Hu Derek K, Pinto-Orellana Marco A, Rana Mandeep, Do Linda, Adams David J, Hussain Shaun A, Shrey Daniel W, Lopour Beth A
Department of Biomedical Engineering, University of California, Irvine, California, USA.
Department of Biomedical Engineering, California State University, Long Beach, California, USA.
Epilepsia. 2025 Feb;66(2):541-553. doi: 10.1111/epi.18211. Epub 2024 Dec 12.

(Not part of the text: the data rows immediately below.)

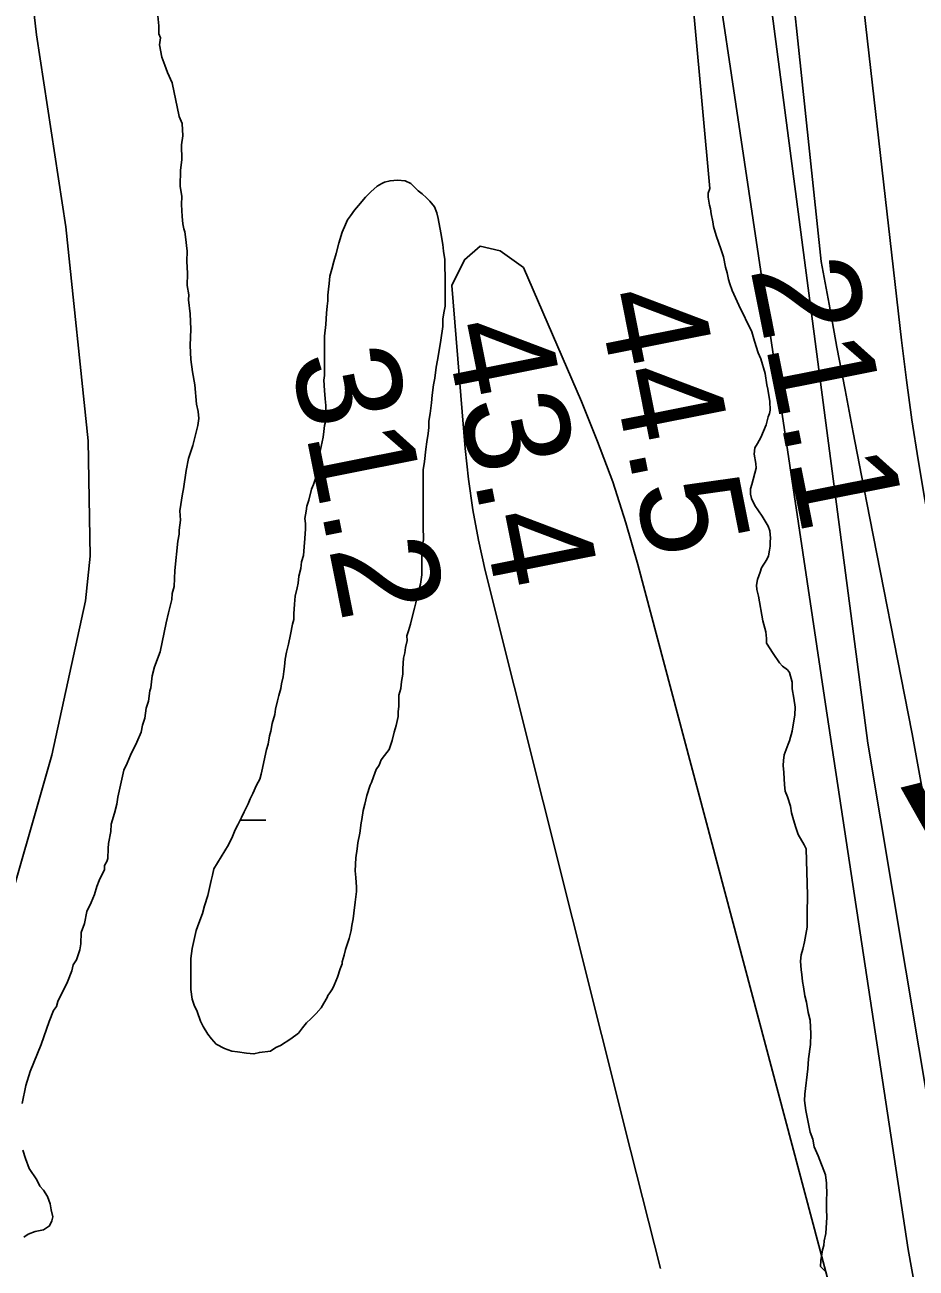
# Model space of a CAD drawing. Extents: x 3250478 to 3288318, y 788638 to 816472.
# Drawn here: x 3274138 to 3274709, y 798809 to 799606 of the extents above; entities that cross this region are included whole.
import ezdxf

# ---------------------------------------------------------------- set-up
doc = ezdxf.new("R2010")
doc.units = 0
for name, color, linetype in [('V-LEVE-TOET', 7, 'Continuous'), ('V-RIVR-RANG', 7, 'Continuous'), ('V-SITE-VEGE', 7, 'Continuous'), ('V-TOPO-DPTH', 7, 'Continuous'), ('V-TOPO-GNAM-IDEN', 7, 'Continuous'), ('V-TOPO-MAJR', 7, 'Continuous'), ('V-TOPO-MINR', 7, 'Continuous'), ('V-WETL-SWMP', 7, 'Continuous')]:
    doc.layers.add(name, color=color, linetype=linetype)

msp = doc.modelspace()

# ---------------------------------------------------------------- linework, layer by layer
at = {"layer": 'V-LEVE-TOET'}
msp.add_lwpolyline([(3274061.85, 798806.12), (3274068.61, 798827.43), (3274077.85, 798859.88), (3274090.64, 798908.6), (3274121.38, 799020.62), (3274155.1, 799137.91), (3274176.53, 799236.89), (3274179.56, 799265.57), (3274178.42, 799339.31), (3274164.12, 799476.63), (3274145.15, 799599.57), (3274136.56, 799676.08), (3274123.48, 799746.83), (3274114.68, 799810.77), (3274107.78, 799900.28), (3274099.15, 800005.14), (3274089.23, 800127.9), (3274066.66, 800323.54), (3274045.78, 800530.48)], dxfattribs=at)
at = {"layer": 'V-SITE-VEGE'}
for points in [[(3274552.31, 799768.08), (3274576.81, 799501.16)], [(3274244.03, 799410.97), (3274243.69, 799420.71), (3274242.69, 799429.82), (3274242.79, 799433.05), (3274241.69, 799438.92), (3274241.94, 799446.69), (3274241.54, 799454.49), (3274241.75, 799460.96), (3274240.74, 799470.07), (3274240.2, 799473.33), (3274239.61, 799475.29), (3274239.07, 799478.55), (3274238.57, 799483.1), (3274238.17, 799490.9), (3274238.34, 799496.07), (3274237.25, 799502.59), (3274237.58, 799512.95), (3274238.44, 799519.41), (3274238.1, 799529.14), (3274238.94, 799534.95), (3274238.54, 799542.74), (3274236.75, 799547.34), (3274232.25, 799568.87), (3274229.22, 799575.45), (3274227.42, 799580.05), (3274225.65, 799585.29), (3274223.96, 799593.12), (3274224.75, 799597.64), (3274223.54, 799600.27), (3274223.7, 799605.45), (3274222.68, 799613.91)], [(3274576.81, 799501.16), (3274575.69, 799498.06), (3274575.76, 799495.62), (3274576.52, 799490.44), (3274577.21, 799488.01), (3274577.61, 799484.96), (3274578.68, 799479.8), (3274579.08, 799476.75), (3274580.78, 799470.98), (3274584.11, 799461.91), (3274585.47, 799457.35), (3274586.9, 799450.67), (3274587.92, 799447.03), (3274588.67, 799442.77), (3274589.66, 799440.04), (3274591.02, 799435.8), (3274595.27, 799426.44), (3274603.74, 799409.26), (3274605.46, 799403.19), (3274607.82, 799395.91), (3274609.46, 799391.98), (3274612.19, 799382.58), (3274613.33, 799375.27), (3274614.02, 799372.54), (3274615.18, 799364.62), (3274615.34, 799359.12), (3274615.1, 799356.97), (3274614.25, 799354.8), (3274612.88, 799349.56), (3274609.45, 799341.5), (3274607.42, 799337.76), (3274605.67, 799334.96), (3274605.17, 799330.97), (3274606.27, 799324.88), (3274606.37, 799321.82), (3274603.62, 799311.34), (3274602.79, 799308.56), (3274602.89, 799305.2), (3274603.58, 799302.46), (3274605.55, 799297.93), (3274610.35, 799291.04), (3274614.21, 799284.73), (3274615.22, 799281.7), (3274615.66, 799277.12), (3274615.43, 799274.67), (3274615.51, 799271.92), (3274614.97, 799269.45), (3274614.47, 799265.77), (3274613.32, 799263.28), (3274609.81, 799257.98), (3274608.98, 799255.2), (3274607.28, 799250.56), (3274606.78, 799246.87), (3274606.86, 799244.12), (3274607.91, 799239.87), (3274610.83, 799224.05), (3274612.57, 799217.06), (3274613, 799212.79), (3274613.09, 799209.73), (3274617.27, 799203.12), (3274621.43, 799197.13), (3274623.33, 799195.05), (3274626.46, 799192.69), (3274627.73, 799190.89), (3274629.45, 799184.82), (3274629.57, 799180.55), (3274630.67, 799174.46), (3274631.46, 799168.67), (3274631.3, 799163.77), (3274629.47, 799153.31), (3274627.83, 799147.14), (3274626.97, 799144.97), (3274624.42, 799138.17), (3274623.92, 799134.48), (3274623.7, 799131.41), (3274624.15, 799126.84), (3274624.69, 799118.9), (3274625.12, 799114.93), (3274626.45, 799111.3), (3274628.47, 799105.24), (3274629.21, 799100.98), (3274629.91, 799097.94), (3274631.61, 799092.18), (3274633.3, 799087.03), (3274637.17, 799080.41), (3274638.46, 799078), (3274639.35, 799048.35), (3274639.1, 799036.41), (3274639.05, 799027.84), (3274637.5, 799018.31), (3274636.41, 799013.69), (3274635.3, 799009.98), (3274634.81, 799005.99), (3274635.28, 799000.49), (3274635.68, 798997.45), (3274636.12, 798992.87), (3274636.83, 798989.53), (3274637.62, 798983.74), (3274638.65, 798979.79), (3274639.77, 798973.09), (3274641.14, 798968.24)], [(3274136.02, 798914.66), (3274138.34, 798926.26), (3274141.22, 798935.24), (3274148.26, 798952.52), (3274153.27, 798967.26), (3274156.09, 798974.3), (3274158.12, 798976.83), (3274158.87, 798980.05), (3274165.11, 798992.81), (3274167.93, 798999.85), (3274168.7, 799003.71), (3274170.75, 799006.89), (3274172.9, 799013.3), (3274173.68, 799017.17), (3274173.91, 799024.29), (3274176.04, 799030.05), (3274177.58, 799037.79), (3274180.36, 799043.53), (3274182.47, 799048.65), (3274183.93, 799053.79), (3274185.35, 799057.63), (3274188.81, 799064.65), (3274188.9, 799067.24), (3274190.28, 799069.79), (3274190.99, 799071.71), (3274191.2, 799078.18), (3274191.3, 799081.42), (3274192.84, 799089.15), (3274192.99, 799093.69), (3274195.16, 799100.75), (3274196.65, 799106.53), (3274197.44, 799111.05), (3274201.24, 799128.43), (3274203.33, 799132.9), (3274205.44, 799138.01), (3274209.59, 799146.31), (3274212.39, 799152.7), (3274213.18, 799157.21), (3274214.62, 799161.7), (3274215.48, 799168.16), (3274216.92, 799172.65), (3274217.78, 799179.1), (3274218.49, 799181.03), (3274219.38, 799188.78), (3274220.87, 799194.56), (3274224.42, 799204.17), (3274228.26, 799222.84), (3274229.76, 799229.28), (3274231.98, 799237.64), (3274232.1, 799241.52), (3274233.54, 799246.01), (3274233.87, 799256.37), (3274235.77, 799275.11), (3274236.56, 799279.62), (3274236.65, 799282.21), (3274237.5, 799288.67), (3274237.04, 799294.52), (3274238.69, 799305.48), (3274239.44, 799308.7), (3274241.11, 799320.32), (3274242.66, 799328.04), (3274245.52, 799336.38), (3274248.53, 799349.25), (3274249.32, 799353.76), (3274248.82, 799358.31), (3274247.67, 799362.89), (3274246.77, 799375.23), (3274245.1, 799383.71), (3274244.05, 799391.53), (3274243.7, 799400.61), (3274244.03, 799410.97)], [(3274641.14, 798968.24), (3274641.41, 798959.37), (3274641.31, 798952.64), (3274640.05, 798943.42), (3274639.63, 798936.98), (3274637.67, 798920.71), (3274637.49, 798916.72), (3274638.29, 798910.32), (3274639.37, 798904.85), (3274641.16, 798896.33), (3274642.82, 798891.79), (3274643.58, 798886.92), (3274646.2, 798881.19), (3274650.85, 798869.08), (3274651.62, 798863.6), (3274651.84, 798856.27), (3274651.6, 798854.12), (3274651.52, 798846.77), (3274651.66, 798841.88), (3274651.06, 798831.46), (3274649.97, 798826.83), (3274649.76, 798823.77), (3274648.93, 798820.99), (3274647.9, 798814.23), (3274647.72, 798810.24), (3274650.55, 798807.58)], [(3274137.16, 798829.06), (3274139.81, 798830.92), (3274144.41, 798832.71), (3274149.63, 798833.84), (3274153.6, 798836.31), (3274155, 798839.5), (3274155.73, 798842.07), (3274154.58, 798846.65), (3274154.06, 798850.56), (3274152.26, 798855.15), (3274149.8, 798859.12), (3274147.29, 798861.79), (3274145.47, 798865.74), (3274140.52, 798873.03), (3274138.14, 798879.59), (3274136.36, 798884.83)]]:
    msp.add_lwpolyline(points, dxfattribs=at)
at = {"layer": 'V-TOPO-DPTH'}
msp.add_lwpolyline([(3274742.13, 799152.69), (3274735.75, 799186.5), (3274725.53, 799241.87), (3274714.65, 799301.83), (3274710.29, 799327.29), (3274706.27, 799352.8), (3274702.75, 799378.39), (3274699.58, 799404.02), (3274667.25, 799687.79), (3274661.31, 799763.01), (3274658.83, 799838.22), (3274661.55, 799913.43), (3274667.73, 799988.63), (3274685.35, 800139.03), (3274613.45, 800366.21), (3274591.93, 800441.34)], dxfattribs=at)
at = {"layer": 'V-TOPO-MAJR'}
for points in [[(3274342.78, 801231.96), (3274650.91, 799170.66)], [(3274650.91, 799170.66), (3274703.78, 798821.19), (3274763.76, 798489.59), (3274905.79, 797655.86), (3275202.78, 796703.67)]]:
    msp.add_lwpolyline(points, dxfattribs=at)
at = {"layer": 'V-TOPO-MINR'}
for points in [[(3274375.61, 801452.77), (3274677.98, 799145.68)], [(3274447.12, 801355.54), (3274648.15, 799454.37), (3274653.17, 799426.92), (3274658.27, 799399.49), (3274663.46, 799372.07), (3274668.7, 799344.66), (3274673.99, 799317.26), (3274679.33, 799289.87), (3274703.89, 799164.61), (3274706.46, 799151.55)], [(3274591.93, 800441.34), (3274613.45, 800366.21), (3274685.35, 800139.03), (3274667.73, 799988.63), (3274661.55, 799913.43), (3274658.83, 799838.22), (3274661.31, 799763.01), (3274667.25, 799687.79), (3274699.58, 799404.02), (3274702.75, 799378.39), (3274706.27, 799352.8), (3274710.29, 799327.29), (3274714.65, 799301.83), (3274725.53, 799241.87), (3274735.75, 799186.5), (3274742.13, 799152.69)], [(3274545.18, 798809.12), (3274525.88, 798884.76), (3274432.83, 799256.38), (3274428.49, 799275.75), (3274424.79, 799295.22), (3274422.05, 799314.85), (3274419.96, 799334.59), (3274411.5, 799439), (3274419.55, 799455.45), (3274429.54, 799464.13), (3274442.44, 799461.17), (3274457.28, 799450.44), (3274494.45, 799364.65), (3274504.88, 799339.01), (3274514.54, 799313.1), (3274523.02, 799286.79), (3274530.72, 799260.21), (3274697.87, 798630.9)], [(3274706.46, 799151.55), (3274830.04, 798470.64), (3274984.7, 797662.18), (3275196.19, 796872.66), (3275244.88, 796729.1)], [(3274677.98, 799145.68), (3274792.16, 798464.33), (3274953.14, 797665.34), (3275230.01, 796698.49)]]:
    msp.add_lwpolyline(points, dxfattribs=at)
at = {"layer": 'V-WETL-SWMP'}
for p, q in [((3274392.17, 799262.44), (3274392.29, 799262.44)), ((3274275.71, 799096.3), (3274292.12, 799096.3))]:
    msp.add_line(p, q, dxfattribs=at)
for points in [[(3274258.98, 799065.11), (3274268.19, 799080.49), (3274270.82, 799085.77), (3274272.57, 799090.16), (3274274.32, 799093.23), (3274276.51, 799098.07), (3274278.27, 799101.58), (3274280.9, 799106.85), (3274282.21, 799109.93), (3274283.96, 799113.44), (3274286.16, 799118.71), (3274288.35, 799122.67), (3274289.22, 799125.74), (3274290.1, 799129.7), (3274290.97, 799133.65), (3274292.72, 799141.56), (3274293.6, 799145.07), (3274294.47, 799150.34), (3274295.34, 799153.42), (3274296.22, 799158.25), (3274297.97, 799163.96), (3274298.4, 799167.47), (3274299.72, 799172.74), (3274300.59, 799176.26), (3274301.9, 799180.65), (3274302.34, 799183.72), (3274303.21, 799188.11), (3274303.65, 799191.63), (3274304.09, 799194.7), (3274304.52, 799199.53), (3274305.39, 799203.93), (3274306.71, 799209.2), (3274308.02, 799215.35), (3274309.33, 799221.93), (3274310.2, 799225.01), (3274310.2, 799228.52), (3274310.63, 799234.67), (3274311.07, 799239.94), (3274312.38, 799245.21), (3274312.82, 799248.29), (3274313.25, 799252.68), (3274314.56, 799257.51), (3274315, 799261.9), (3274316.31, 799265.85), (3274316.75, 799271.56), (3274317.18, 799276.83), (3274317.61, 799282.98), (3274317.61, 799286.49), (3274317.17, 799289.57), (3274318.04, 799294.4), (3274318.48, 799297.47), (3274319.79, 799301.43), (3274321.54, 799308.46), (3274322.85, 799311.53), (3274323.73, 799314.61), (3274324.6, 799318.56), (3274325.04, 799324.27), (3274326.35, 799329.98), (3274327.66, 799335.69), (3274328.97, 799341.84), (3274329.41, 799345.35), (3274329.85, 799349.3), (3274330.72, 799352.38), (3274330.72, 799357.21), (3274330.71, 799362.04), (3274330.27, 799366.43), (3274329.82, 799371.7), (3274329.38, 799378.29), (3274329.81, 799381.36), (3274329.81, 799386.63), (3274329.8, 799391.9), (3274329.8, 799395.85), (3274329.8, 799400.24), (3274329.79, 799406.39), (3274330.66, 799413.86), (3274331.09, 799421.32), (3274331.53, 799425.71), (3274331.96, 799429.23), (3274331.96, 799432.74), (3274332.4, 799436.69), (3274332.83, 799440.21), (3274333.27, 799445.04), (3274334.58, 799449.43), (3274335.89, 799454.26), (3274337.2, 799459.53), (3274338.95, 799466.12), (3274341.14, 799473.15), (3274343.33, 799477.98), (3274344.65, 799481.06), (3274346.4, 799483.69), (3274349.03, 799487.21), (3274351.67, 799490.29), (3274356.05, 799495.56), (3274359.56, 799499.08), (3274363.51, 799502.59), (3274366.58, 799504.35), (3274368.34, 799505.23), (3274371.85, 799506.11), (3274376.68, 799506.56), (3274381.51, 799506.12), (3274385.03, 799504.37)], [(3274385.03, 799504.37), (3274389.86, 799499.55), (3274392.5, 799497.79), (3274395.14, 799495.16), (3274397.33, 799492.97), (3274400.41, 799489.46), (3274401.73, 799485.51), (3274402.61, 799481.99), (3274404.38, 799472.77), (3274405.7, 799465.31), (3274406.15, 799460.92), (3274407.03, 799455.65), (3274407.03, 799451.26), (3274407.04, 799444.23), (3274407.04, 799439.84), (3274407.05, 799435.45), (3274407.05, 799430.62), (3274407.06, 799425.79), (3274406.19, 799421.4), (3274405.75, 799417.44), (3274405.75, 799412.61), (3274404.45, 799403.83), (3274403.57, 799398.56), (3274402.26, 799391.09), (3274401.39, 799386.7), (3274400.52, 799379.67), (3274399.64, 799375.28), (3274398.77, 799368.69), (3274398.34, 799363.86), (3274397.46, 799356.83), (3274396.59, 799352), (3274396.6, 799348.05), (3274396.16, 799344.1), (3274395.29, 799338.83), (3274394.85, 799334), (3274393.98, 799326.09), (3274393.11, 799320.82), (3274393.12, 799312.48), (3274393.12, 799305.89), (3274393.13, 799296.67), (3274393.14, 799290.52), (3274393.14, 799284.81), (3274393.15, 799276.03), (3274392.28, 799271.2), (3274392.28, 799264.61), (3274392.29, 799261.1), (3274392.29, 799257.15), (3274392.29, 799253.63), (3274391.42, 799247.48), (3274389.23, 799239.58), (3274388.36, 799235.62), (3274387.48, 799232.11), (3274385.73, 799225.52), (3274384.86, 799222.01), (3274383.55, 799217.61), (3274382.67, 799214.54), (3274382.68, 799211.47), (3274381.8, 799207.07), (3274381.37, 799203.56), (3274380.49, 799200.05), (3274380.06, 799193.46), (3274380.06, 799189.95), (3274379.19, 799185.11), (3274378.75, 799180.72), (3274377.44, 799176.33), (3274377.44, 799172.38), (3274377.45, 799169.3), (3274377.01, 799165.79), (3274377.01, 799162.72), (3274375.7, 799157.01), (3274374.39, 799152.61), (3274373.08, 799147.34), (3274371.33, 799141.63), (3274368.25, 799137.68), (3274366.06, 799135.04), (3274364.75, 799131.53), (3274362.99, 799128.89), (3274361.24, 799124.06), (3274359.93, 799120.54), (3274359.05, 799118.79), (3274356.86, 799112.2), (3274355.55, 799106.49), (3274354.68, 799102.53), (3274353.8, 799096.82), (3274353.37, 799094.63), (3274352.49, 799088.04), (3274351.18, 799081.89), (3274350.75, 799077.94), (3274349.87, 799072.23), (3274349.44, 799063.88), (3274349.89, 799059.49), (3274350.33, 799053.35), (3274350.33, 799050.71), (3274349.46, 799043.68), (3274348.59, 799036.66), (3274348.16, 799033.14), (3274347.28, 799028.75), (3274346.85, 799025.68), (3274345.53, 799020.41), (3274343.34, 799013.38), (3274342.47, 799009.86)], [(3274342.47, 799009.86), (3274341.16, 799005.47), (3274341.16, 799004.15), (3274339.84, 799001.08), (3274338.09, 798995.81), (3274335.9, 798990.54), (3274335.02, 798988.34), (3274333.27, 798985.7), (3274331.96, 798983.95), (3274331.52, 798982.63), (3274329.33, 798979.11), (3274327.57, 798976.04), (3274324.5, 798972.52), (3274320.99, 798969), (3274318.36, 798966.37), (3274315.73, 798963.29), (3274313.1, 798959.77), (3274308.27, 798956.26), (3274301.69, 798951.86), (3274298.61, 798950.54), (3274295.1, 798948.34), (3274288.08, 798947.45), (3274284.56, 798946.57), (3274279.73, 798947.01), (3274274.02, 798947.88), (3274270.51, 798948.32), (3274265.68, 798950.07), (3274260.41, 798952.7), (3274257.33, 798956.21), (3274255.13, 798959.28), (3274252.05, 798964.11), (3274250.29, 798967.62), (3274248.09, 798973.76), (3274246.33, 798977.71), (3274245.01, 798981.67), (3274244.12, 798987.81), (3274244.12, 798991.33), (3274244.12, 798997.47), (3274244.11, 799002.3), (3274244.1, 799007.57), (3274244.98, 799014.16), (3274246.29, 799019.87), (3274247.6, 799025.58), (3274249.35, 799030.41), (3274251.54, 799036.56), (3274252.85, 799041.4), (3274255.04, 799047.98), (3274255.92, 799051.94), (3274257.23, 799057.65), (3274258.11, 799061.16), (3274258.98, 799065.11)]]:
    msp.add_lwpolyline(points, dxfattribs=at)

# ---------------------------------------------------------------- texts
at = {"layer": 'V-RIVR-RANG'}
for s, p in [('21.1', (3274602.61, 799449.91)), ('44.5', (3274504.12, 799432.46)), ('43.4', (3274406.1, 799412.69)), ('31.2', (3274308.07, 799392.91))]:
    msp.add_text(s, height=67, rotation=281.26833, dxfattribs=at).set_placement(p)
at = {"layer": 'V-TOPO-GNAM-IDEN'}
msp.add_text('WATERLOO LDG.', height=99.9998, rotation=14.25831, dxfattribs=at).set_placement((3274723.11, 799020.11))

doc.saveas('drawing.dxf')

The discovery and validation of electroencephalography (EEG) biomarkers often rely on visual identification of waveforms. However, bias toward visually striking events restricts the search space for new biomarkers, and low interrater reliability can limit rigorous validation. We present a data-driven approach to biomarker discovery called scalp EEG Pattern Identification and Categorization (s-EPIC), which enables automated, unsupervised identification of EEG waveforms. S-EPIC is validated on Lennox-Gastaut syndrome (LGS), an epilepsy that is difficult to diagnose and assess due to its variable presentation and insidious evolution of symptoms.
We retrospectively collected 10-min scalp EEG clips during non-rapid eye movement (NREM) sleep from 20 subjects with LGS and 20 approximately age-matched healthy controls. For s-EPIC, EEG events of interest (EOIs) were detected in all subjects using time-frequency analysis. The 11 705 EOIs were characterized based on 11 features and were collectively grouped using both k-means clustering and feature categorization. To provide clinical context, 1350 EOIs were visually reviewed and classified by three epileptologists.
s-EPIC identified four clusters as candidate biomarkers of LGS, each having significantly more LGS EOIs than control EOIs. Two clusters contained EOIs resembling known LGS biomarkers such as interictal epileptiform discharges and generalized paroxysmal fast activity. The other two LGS-associated EEG clusters contained short bursts of power in beta and gamma frequency bands that were primarily unrecognized by epileptologists. This approach also uncovered significant differences in sleep spindles between LGS and control cohorts.
s-EPIC provides a quantitative approach to waveform identification that could be broadly applied to EEG from both healthy subjects and those with suspected pathology. s-EPIC can objectively identify and characterize relevant EEG waveforms without visual review or assumptions about the waveform's morphology and could therefore be a powerful tool for the discovery and refinement of EEG biomarkers.
脑电图(EEG)生物标志物的发现与验证通常依赖于对波形的视觉识别。然而,对视觉上显著事件的偏向限制了新生物标志物的搜索空间,且评分者间的低可靠性会限制严格的验证。我们提出了一种名为头皮脑电图模式识别与分类(s-EPIC)的数据驱动生物标志物发现方法,该方法能够自动、无监督地识别EEG波形。s-EPIC在 Lennox-Gastaut 综合征(LGS)上得到验证,LGS 是一种因症状表现多变且隐匿进展而难以诊断和评估的癫痫。
我们回顾性收集了20名 LGS 患者和20名年龄匹配的健康对照在非快速眼动(NREM)睡眠期间10分钟的头皮 EEG 片段。对于 s-EPIC,使用时频分析在所有受试者中检测感兴趣的 EEG 事件(EOIs)。基于11个特征对11705个 EOIs 进行表征,并使用 k 均值聚类和特征分类将它们集中分组。为提供临床背景,由三名癫痫专家对1350个 EOIs 进行视觉检查和分类。
s-EPIC 识别出四个簇作为 LGS 的候选生物标志物,每个簇中 LGS 的 EOIs 明显多于对照的 EOIs。两个簇包含类似于已知 LGS 生物标志物的 EOIs,如发作间期癫痫样放电和全身性阵发性快活动。另外两个与 LGS 相关的 EEG 簇包含β和γ频段的短功率爆发,癫痫专家基本未识别出这些。该方法还揭示了 LGS 组和对照组在睡眠纺锤波上的显著差异。
s-EPIC 提供了一种波形识别的定量方法,可广泛应用于健康受试者和疑似有病理状况者的 EEG。s-EPIC 无需视觉检查或对波形形态的假设即可客观地识别和表征相关 EEG 波形,因此可能成为发现和完善 EEG 生物标志物的有力工具。